Your goal - Among the entries beneath this sentence, how many lines include the word "drawing"? Only the number is wanted.

Dataset excerpts:
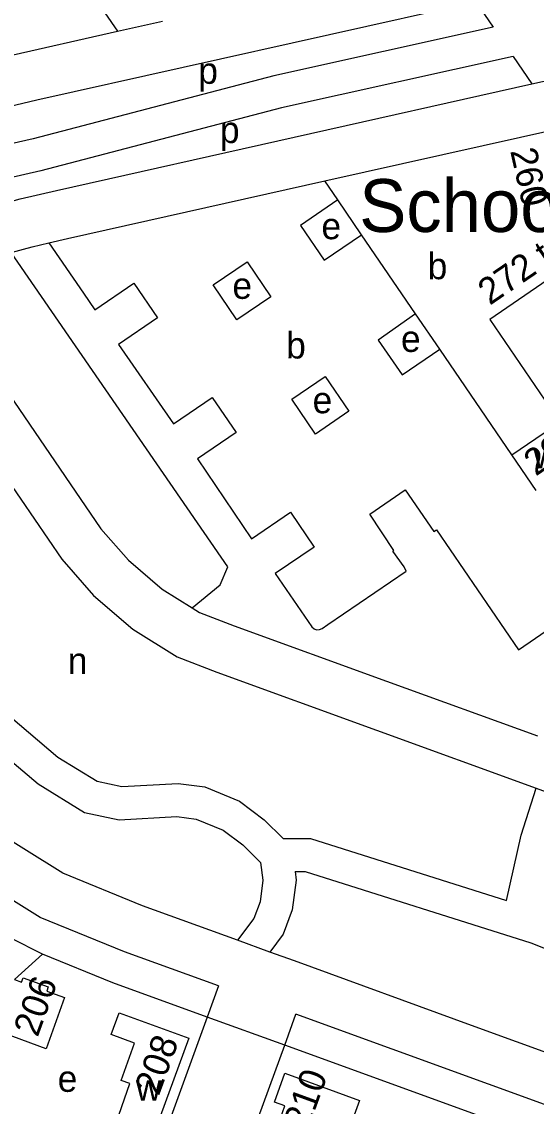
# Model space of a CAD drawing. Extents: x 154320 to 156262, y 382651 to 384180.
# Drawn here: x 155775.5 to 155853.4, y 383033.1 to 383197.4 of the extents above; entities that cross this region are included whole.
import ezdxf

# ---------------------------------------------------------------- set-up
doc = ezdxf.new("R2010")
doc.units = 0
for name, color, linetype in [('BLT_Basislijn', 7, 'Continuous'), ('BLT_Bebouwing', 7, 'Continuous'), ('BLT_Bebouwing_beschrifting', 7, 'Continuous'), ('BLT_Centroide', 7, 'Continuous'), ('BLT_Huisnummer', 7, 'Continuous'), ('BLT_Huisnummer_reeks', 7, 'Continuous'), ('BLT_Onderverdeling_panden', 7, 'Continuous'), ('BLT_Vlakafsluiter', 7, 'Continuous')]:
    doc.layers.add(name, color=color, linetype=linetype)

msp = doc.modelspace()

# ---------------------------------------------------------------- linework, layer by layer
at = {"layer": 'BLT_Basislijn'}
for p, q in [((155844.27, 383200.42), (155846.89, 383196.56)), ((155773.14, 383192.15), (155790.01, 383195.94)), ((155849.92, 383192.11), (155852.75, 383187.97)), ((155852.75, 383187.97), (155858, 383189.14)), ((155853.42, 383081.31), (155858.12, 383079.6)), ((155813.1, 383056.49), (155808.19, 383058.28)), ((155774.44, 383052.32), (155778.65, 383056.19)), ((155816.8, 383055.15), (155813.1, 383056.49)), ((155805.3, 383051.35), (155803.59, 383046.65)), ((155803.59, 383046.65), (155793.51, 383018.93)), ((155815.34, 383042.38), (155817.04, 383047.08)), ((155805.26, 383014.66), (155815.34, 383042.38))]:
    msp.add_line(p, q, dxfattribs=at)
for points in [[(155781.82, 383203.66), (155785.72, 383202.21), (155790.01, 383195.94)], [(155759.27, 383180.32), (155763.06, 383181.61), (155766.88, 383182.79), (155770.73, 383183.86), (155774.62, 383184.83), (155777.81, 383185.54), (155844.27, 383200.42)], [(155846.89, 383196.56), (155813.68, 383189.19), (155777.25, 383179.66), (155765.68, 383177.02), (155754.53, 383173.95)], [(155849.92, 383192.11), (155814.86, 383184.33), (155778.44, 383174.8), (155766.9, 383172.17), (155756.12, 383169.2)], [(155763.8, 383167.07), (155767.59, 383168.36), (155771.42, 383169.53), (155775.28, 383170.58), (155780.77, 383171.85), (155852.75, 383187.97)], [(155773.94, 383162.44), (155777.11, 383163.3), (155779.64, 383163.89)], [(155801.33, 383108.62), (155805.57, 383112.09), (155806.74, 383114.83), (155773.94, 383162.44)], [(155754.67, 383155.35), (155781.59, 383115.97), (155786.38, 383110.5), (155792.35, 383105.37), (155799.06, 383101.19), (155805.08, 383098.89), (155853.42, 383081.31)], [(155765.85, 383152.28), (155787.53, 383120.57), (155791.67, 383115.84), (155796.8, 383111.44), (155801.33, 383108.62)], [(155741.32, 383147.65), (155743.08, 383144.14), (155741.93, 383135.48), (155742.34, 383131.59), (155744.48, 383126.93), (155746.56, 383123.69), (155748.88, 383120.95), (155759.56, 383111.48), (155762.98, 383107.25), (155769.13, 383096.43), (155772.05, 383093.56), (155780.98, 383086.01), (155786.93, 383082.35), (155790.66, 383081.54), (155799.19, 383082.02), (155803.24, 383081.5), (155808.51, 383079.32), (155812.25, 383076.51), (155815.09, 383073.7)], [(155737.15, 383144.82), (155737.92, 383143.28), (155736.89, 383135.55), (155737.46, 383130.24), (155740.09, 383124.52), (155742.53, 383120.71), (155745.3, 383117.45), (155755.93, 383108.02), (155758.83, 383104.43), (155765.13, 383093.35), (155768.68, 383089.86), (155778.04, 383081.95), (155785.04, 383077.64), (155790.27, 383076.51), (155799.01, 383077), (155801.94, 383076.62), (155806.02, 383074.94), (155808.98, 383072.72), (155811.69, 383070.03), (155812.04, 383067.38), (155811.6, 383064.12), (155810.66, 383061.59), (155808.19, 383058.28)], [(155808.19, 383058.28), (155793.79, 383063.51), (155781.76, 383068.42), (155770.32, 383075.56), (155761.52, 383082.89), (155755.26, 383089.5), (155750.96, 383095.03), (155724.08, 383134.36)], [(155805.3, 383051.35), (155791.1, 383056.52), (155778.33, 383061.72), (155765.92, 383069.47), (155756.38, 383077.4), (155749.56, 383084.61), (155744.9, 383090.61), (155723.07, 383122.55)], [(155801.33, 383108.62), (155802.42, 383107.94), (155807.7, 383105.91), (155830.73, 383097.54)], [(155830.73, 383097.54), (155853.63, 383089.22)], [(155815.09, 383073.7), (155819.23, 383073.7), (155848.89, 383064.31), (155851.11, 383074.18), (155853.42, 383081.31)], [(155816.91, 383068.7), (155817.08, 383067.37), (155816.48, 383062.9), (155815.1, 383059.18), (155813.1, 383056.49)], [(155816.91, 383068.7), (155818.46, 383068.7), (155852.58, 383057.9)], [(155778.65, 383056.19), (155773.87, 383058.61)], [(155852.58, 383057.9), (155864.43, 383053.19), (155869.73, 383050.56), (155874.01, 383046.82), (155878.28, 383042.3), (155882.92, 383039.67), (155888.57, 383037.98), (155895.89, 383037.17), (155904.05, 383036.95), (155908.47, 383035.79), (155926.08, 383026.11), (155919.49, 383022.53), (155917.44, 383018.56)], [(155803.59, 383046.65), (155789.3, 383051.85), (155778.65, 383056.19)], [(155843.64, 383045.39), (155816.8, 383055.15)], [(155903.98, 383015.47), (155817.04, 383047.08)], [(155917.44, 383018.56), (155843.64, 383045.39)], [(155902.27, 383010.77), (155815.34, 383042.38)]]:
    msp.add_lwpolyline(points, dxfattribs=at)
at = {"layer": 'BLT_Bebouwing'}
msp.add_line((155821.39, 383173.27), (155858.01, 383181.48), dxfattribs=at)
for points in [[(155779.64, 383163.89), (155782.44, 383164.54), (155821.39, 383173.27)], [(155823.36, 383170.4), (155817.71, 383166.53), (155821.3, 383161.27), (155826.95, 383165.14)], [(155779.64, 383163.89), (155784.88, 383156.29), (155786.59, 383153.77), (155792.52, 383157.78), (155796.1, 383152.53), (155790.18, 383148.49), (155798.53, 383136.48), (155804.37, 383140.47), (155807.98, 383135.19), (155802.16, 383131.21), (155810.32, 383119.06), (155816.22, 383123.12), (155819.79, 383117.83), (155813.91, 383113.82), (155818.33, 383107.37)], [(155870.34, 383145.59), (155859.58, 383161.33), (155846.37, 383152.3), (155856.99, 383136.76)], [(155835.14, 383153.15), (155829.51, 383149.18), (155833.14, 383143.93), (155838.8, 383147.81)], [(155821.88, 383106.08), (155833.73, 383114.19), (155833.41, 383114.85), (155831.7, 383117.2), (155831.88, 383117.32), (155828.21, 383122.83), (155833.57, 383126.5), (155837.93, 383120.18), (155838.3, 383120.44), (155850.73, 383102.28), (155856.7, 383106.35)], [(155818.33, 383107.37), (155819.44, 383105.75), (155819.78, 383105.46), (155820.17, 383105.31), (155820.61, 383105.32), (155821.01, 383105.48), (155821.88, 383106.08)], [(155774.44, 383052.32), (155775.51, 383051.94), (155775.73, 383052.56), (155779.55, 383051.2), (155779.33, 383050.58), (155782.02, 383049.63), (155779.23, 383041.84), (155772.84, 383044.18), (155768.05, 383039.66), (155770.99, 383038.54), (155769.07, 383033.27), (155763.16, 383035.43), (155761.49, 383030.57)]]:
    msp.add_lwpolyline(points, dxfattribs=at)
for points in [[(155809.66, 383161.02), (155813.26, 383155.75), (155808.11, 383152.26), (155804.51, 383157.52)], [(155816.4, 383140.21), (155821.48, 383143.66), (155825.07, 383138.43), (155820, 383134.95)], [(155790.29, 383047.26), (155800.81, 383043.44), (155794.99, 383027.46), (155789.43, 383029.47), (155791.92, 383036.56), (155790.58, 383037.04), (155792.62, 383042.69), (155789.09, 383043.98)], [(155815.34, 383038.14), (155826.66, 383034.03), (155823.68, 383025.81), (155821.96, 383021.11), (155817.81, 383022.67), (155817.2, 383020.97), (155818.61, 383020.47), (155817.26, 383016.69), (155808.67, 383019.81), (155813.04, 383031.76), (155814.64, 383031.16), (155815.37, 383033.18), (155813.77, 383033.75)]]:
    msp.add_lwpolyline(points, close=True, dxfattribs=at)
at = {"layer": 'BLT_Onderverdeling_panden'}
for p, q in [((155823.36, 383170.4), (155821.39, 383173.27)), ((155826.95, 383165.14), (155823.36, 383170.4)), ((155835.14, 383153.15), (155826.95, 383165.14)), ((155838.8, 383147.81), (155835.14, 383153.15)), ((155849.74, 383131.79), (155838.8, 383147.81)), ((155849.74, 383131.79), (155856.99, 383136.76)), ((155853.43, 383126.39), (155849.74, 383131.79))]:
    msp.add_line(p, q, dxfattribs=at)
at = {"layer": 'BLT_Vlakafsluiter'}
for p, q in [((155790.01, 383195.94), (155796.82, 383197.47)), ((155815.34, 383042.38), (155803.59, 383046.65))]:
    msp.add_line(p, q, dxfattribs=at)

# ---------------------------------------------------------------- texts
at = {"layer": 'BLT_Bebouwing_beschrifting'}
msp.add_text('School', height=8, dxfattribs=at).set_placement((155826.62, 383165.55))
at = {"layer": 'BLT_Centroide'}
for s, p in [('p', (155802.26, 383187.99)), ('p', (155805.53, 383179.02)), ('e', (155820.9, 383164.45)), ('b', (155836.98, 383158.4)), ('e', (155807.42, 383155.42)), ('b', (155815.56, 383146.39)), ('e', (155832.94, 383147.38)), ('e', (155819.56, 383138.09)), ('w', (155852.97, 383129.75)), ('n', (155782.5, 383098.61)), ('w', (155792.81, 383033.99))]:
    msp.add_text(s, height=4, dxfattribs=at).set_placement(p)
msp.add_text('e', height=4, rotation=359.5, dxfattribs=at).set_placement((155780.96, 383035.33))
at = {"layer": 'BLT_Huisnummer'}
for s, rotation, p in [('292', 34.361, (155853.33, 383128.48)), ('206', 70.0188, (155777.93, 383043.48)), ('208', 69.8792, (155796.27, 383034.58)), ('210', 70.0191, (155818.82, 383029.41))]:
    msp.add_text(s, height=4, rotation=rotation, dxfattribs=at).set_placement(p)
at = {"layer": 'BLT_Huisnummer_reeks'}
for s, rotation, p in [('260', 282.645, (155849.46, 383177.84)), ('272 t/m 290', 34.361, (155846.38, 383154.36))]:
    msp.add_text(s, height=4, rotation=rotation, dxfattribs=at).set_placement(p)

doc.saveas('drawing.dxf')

Answer to the exercise - 2